Fourth Sunday after Pentecost (Lectionary 11), Year C, June 16, 2013
1 Kings 21:1-21, Psalm 32, Galatians 2:15-21, Luke 7:36-8:3
Preached by Pastor Anna C. Haugen, Augustana and Birka Lutheran Churches, Underwood, ND
May the words of my mouth, and the meditations of my heart, be acceptable in your sight, my rock and my redeemer.
Grace and peace to you from God our Father, and the Lord Jesus Christ. Amen.
In the last two weeks, we’ve looked at the opening chapter of Galatians. Paul was upset with the Galatians because they were starting to use human traditions to run their church and determine who was faithful to God, instead of depending on God’s grace and love. They were looking for salvation in their own works, rather than in God’s grace. Paul then talked about how God’s Word had come to him, and how it had changed him and sent him out to tell people about God’s love. Now we come to one of the core parts of Paul’s theology: “I have been crucified with Christ; it is no longer I who live, but Christ who lives in me.”
For Paul, the death and resurrection of Christ was at the heart of the Christian experience. The death and resurrection of Christ was what made it possible—what made it necessary—for people of all backgrounds to come together in a community of faith. The death and resurrection of Christ is the central event when binds all God’s children together. We have all been crucified with Christ. The old ways of doing things—the old ways of looking at the world—have all been superseded by the work of Christ in the world. We have been changed right down to the very core of our being by Christ’s faithfulness in dying on the cross.
Have you ever seen the movie Pay It Forward? It’s a very good movie, about a little boy named Trevor, his mother, and his teacher. The teacher gives all his students an assignment for extra credit: to think up ways to make the world a better place. Trevor’s idea is to do trying to make the world a better place by doing good deeds, and then challenging each person he helps to do something good for someone else. Now, it would be really easy for such a movie to be saccharine, overly sweet, showing everything becoming miraculously better. Pay It Forward doesn’t do that; instead, it confronts the brokenness of the world head-on, showing the ugly realities of addiction, abuse, poverty, bullying, all the many ways in which the world is a broken, sinful place. It shows all the many ways people hurt one another and fall back into old, bad habits even when they try to do their very best to be better people. And it does it without becoming overly cynical, either. The world is still as broken at the end of the movie as it was in the beginning—and yet, Trevor’s actions and his words, his trust and his hope have had a deep and profound impact on the people around him. The world may be the same, but they are not the same. They have been transformed, and are better people for having known Trevor. They’ve seen the world differently; they’ve learned to see themselves and everyone around them differently. They have learned to open themselves up to possibilities, to step beyond the fears that cripple them.
I think that story gives us a glimpse of what Paul’s getting at here. The world is a broken, sinful place. All human beings are broken, sinful people. Addiction, abuse, poverty, bullying, and injustice affect more of us than we’d like to admit.
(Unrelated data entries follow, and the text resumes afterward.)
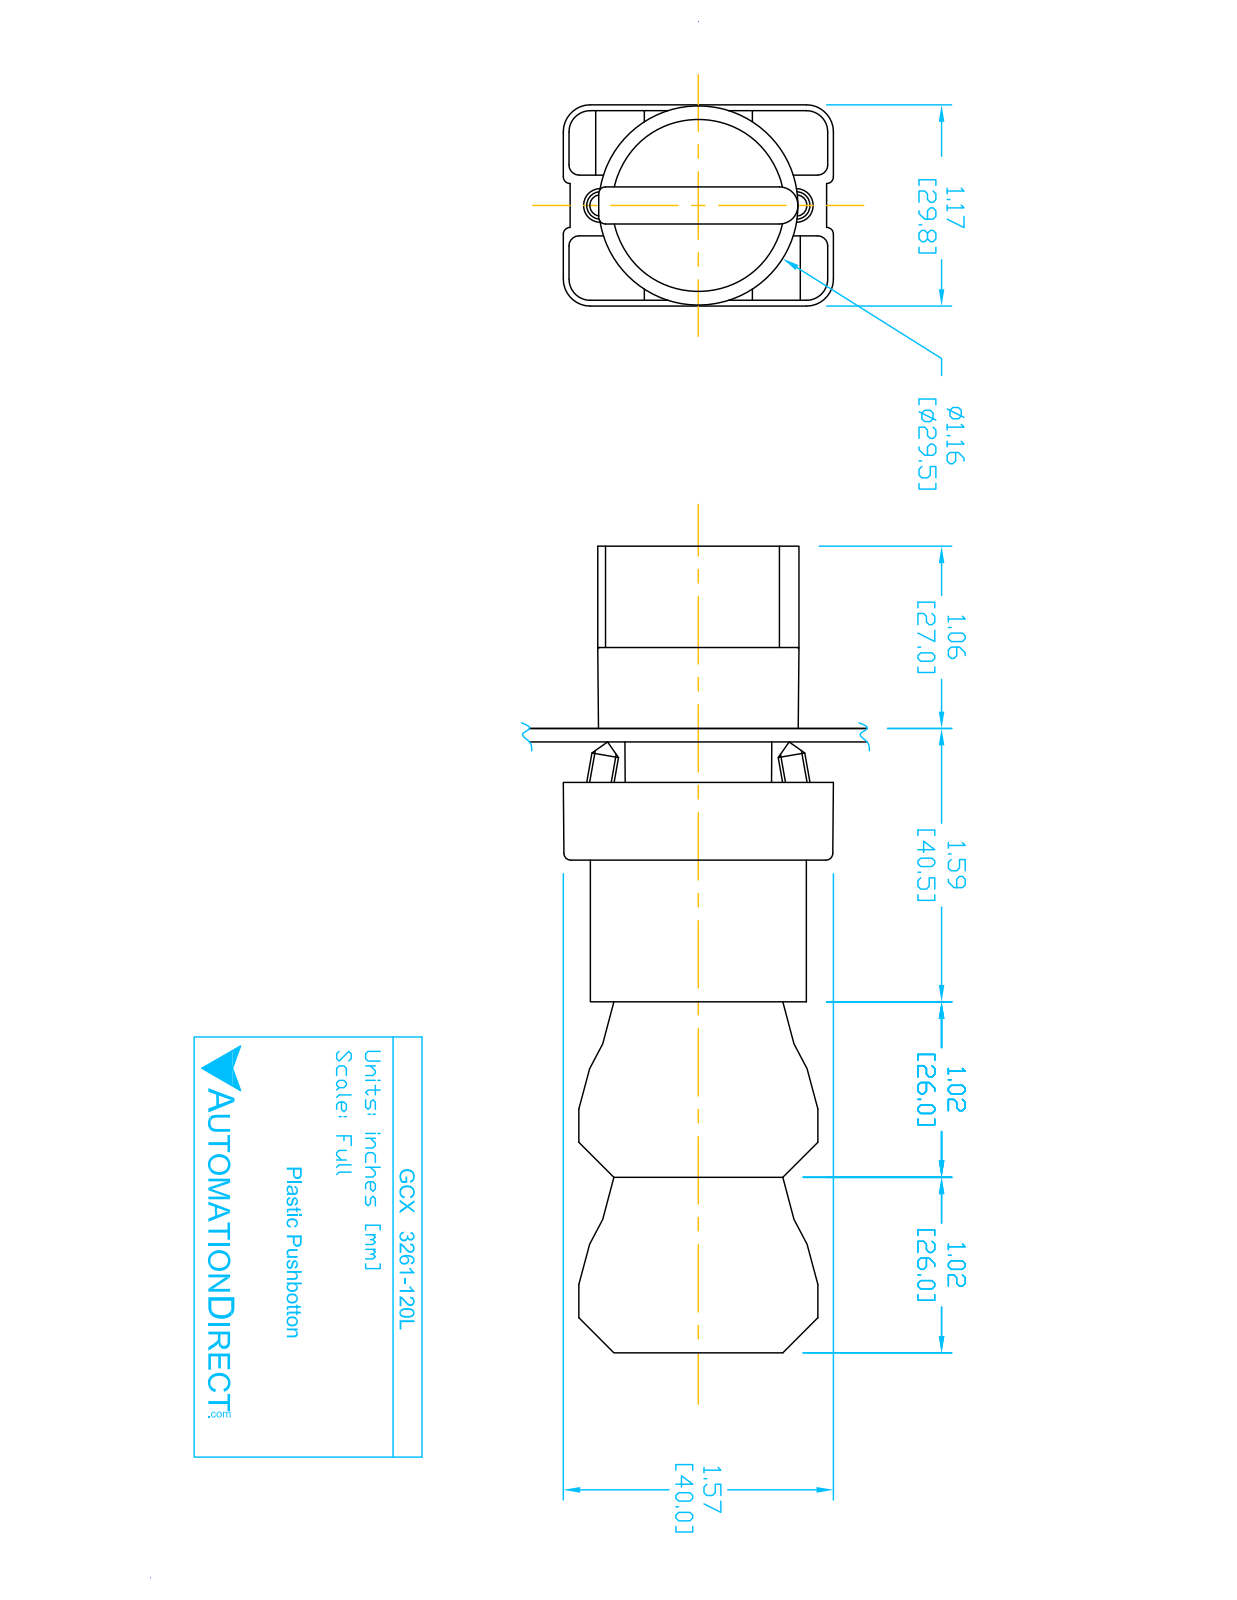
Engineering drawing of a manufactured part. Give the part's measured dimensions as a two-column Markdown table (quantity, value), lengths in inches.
| quantity | value |
| --- | --- |
| part name | ecx1040; GCX3261L OPERATOR; ecx1030; ECX1050 (+2 more) |
| STEP written by | SolidWorks 2016 (AUTOMOTIVE_DESIGN) |
| units | inches |
| bodies | 11 solids, 724 faces (488 planar, 193 cylindrical, 43 other) |
| overall size | 4.677 × 1.581 × 1.177 |
| volume | 4.751 in³ |
| surface area | 59.22 in² |
| round holes (diameter × count) | 0.079 × 4, 0.087 × 2, 0.124 × 2, 0.13 × 2, 0.197 × 1, 0.469 × 1, 0.878 × 1, 0.888 × 1, 1.024 × 1 |
| round bosses / shafts (diameter × count) | 0.157 × 4, 1.175 × 1, 1.004 × 1, 0.945 × 1, 0.856 × 1, 0.78 × 1, 0.504 × 1 |
| partial cylindrical surfaces (radius × count) | 0.059 × 24, 0.041 × 12, 0.124 × 12, 0.157 × 12, 0.039 × 9, 0.02 × 2, 0.063 × 2, 0.079 × 2 |
| main face-to-face distances | 0.579, 0.593, 1.024, 1.171, 0.014, 0.827, 1.85, 3.043, 2.02, 1.193 |
| hole center spacings | 0.236, 1.003, 0.974, 0.472, 0.539, 0.544, 1.083, 0.484 |

And even if you are lucky enough not to directly suffer from any of these, there are so many other ways the brokenness, the sinfulness, of the world can affect us. There are so many ways our own brokenness, our own sinfulness, can affect others. No matter how much we try to be good, no matter how much we try to overcome our own faults, no matter how much we try to change the world for the better, we are only a drop in the bucket. There is pain in the world. There is pain in us. And our own ability to do the right thing simply isn’t enough to stop the pain. And yet.
And yet, we are in Christ and Christ is in us. Jesus Christ, God who took on human flesh and walked among us. God who knows our pain, our brokenness, because he shared it. Jesus spent his time on Earth healing the sick, comforting the brokenhearted. Jesus never turned away anyone: not the worst sinners, not the self-righteous ones who thought they had no need of forgiveness. Jesus Christ knows our suffering because he shared it. And despite our brokenness, despite our sinfulness, despite everything we do to hurt ourselves and one another, Jesus loves us anyways. Jesus Christ loves us so much that he was willing to die for our sake, to save us and this broken world we live in. Jesus Christ loves us so much that he was willing to die to heal our brokenness. And that love, that death, transforms us.
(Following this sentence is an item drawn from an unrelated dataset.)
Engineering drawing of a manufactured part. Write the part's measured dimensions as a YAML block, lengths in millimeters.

Christ calls us to him on the cross. He calls us as we are, with all our brokenness, all our faults, all the bad things we have done and all the good things we have failed to do. We die with him, on the cross; we are crucified with him. And when we rise with him, we are made new. We are made whole. We are redeemed, forgiven, saved, not through any merit of our own but through Christ’s faithfulness and love.
One of the key phrases of Galatians is “faith in Christ.” Now, that translation is actually somewhat misleading; the Greek phrase that Paul uses doesn’t really have any good way to be translated into English that will capture the whole meaning. You see, the same words, “πίστεως Χριστοῦ” can be translated in two different ways. They can mean “faith in Christ,” as in, we have faith in Christ, but they can also mean “the faithfulness of Christ,” as in, we are justified by the faithfulness of Christ—Christ’s faithfulness to us and to the will of the Father. We are justified—we are made right with God—through Christ’s faithfulness, and through our faith in Christ. The life we now live comes through faith in the Son of God, who loved us and gave himself for us.
The world is still a broken place. It will not be healed until Christ comes again. There will continue to be sin in the world; addiction, fear, hate, jealousy, poverty, bullying, all the evils in the world will continue to affect us until Christ comes again. Being Christian doesn’t mean we are magically free from all the pain in the world; it doesn’t mean we’ll be rich and successful and have everything go our way. It doesn’t even mean that we will never sin again. We still have to deal with the reality of the world.
What Christ’s death and resurrection means is that we do not have to face that world alone. What Christ’s death and resurrection means is that Christ is with us—in us and around us—every step of the way. We still struggle; we still fall short of what God has called us to be; we still sin. And yet we have been transformed by Christ. We have learned to see the world differently; we have learned to see ourselves differently. We are not just sinners; we are not just people suffering in a world of pain. We are people loved and chosen by God, who have seen the profound difference that love makes. We are people who have learned to open ourselves up to the possibilities that God offers, to step beyond our fears and our doubts knowing that we don’t do so alone.
Our actions and words can’t magically fix all that is wrong with the world. Our actions and words can’t even fix ourselves. And yet, we have seen the difference that love makes. We have seen the difference that Christ makes, in ourselves and in our lives. We know that pain and brokenness don’t get the last word; we know that in the end, God’s love will make all things new. And we know that while we wait for Christ to come again, we do not wait alone, for Christ lives in us and we live in Christ. We don’t do good works to try and fix the world or to earn our way into God’s good books. We help one another, we love one another, because Christ loves us and wants us to spread that love. We let Christ shine through our words and our actions because we know Christ. We have faith in Christ’s faithfulness and love for us. We pay that love forward so that all will know the transforming power of Christ’s love.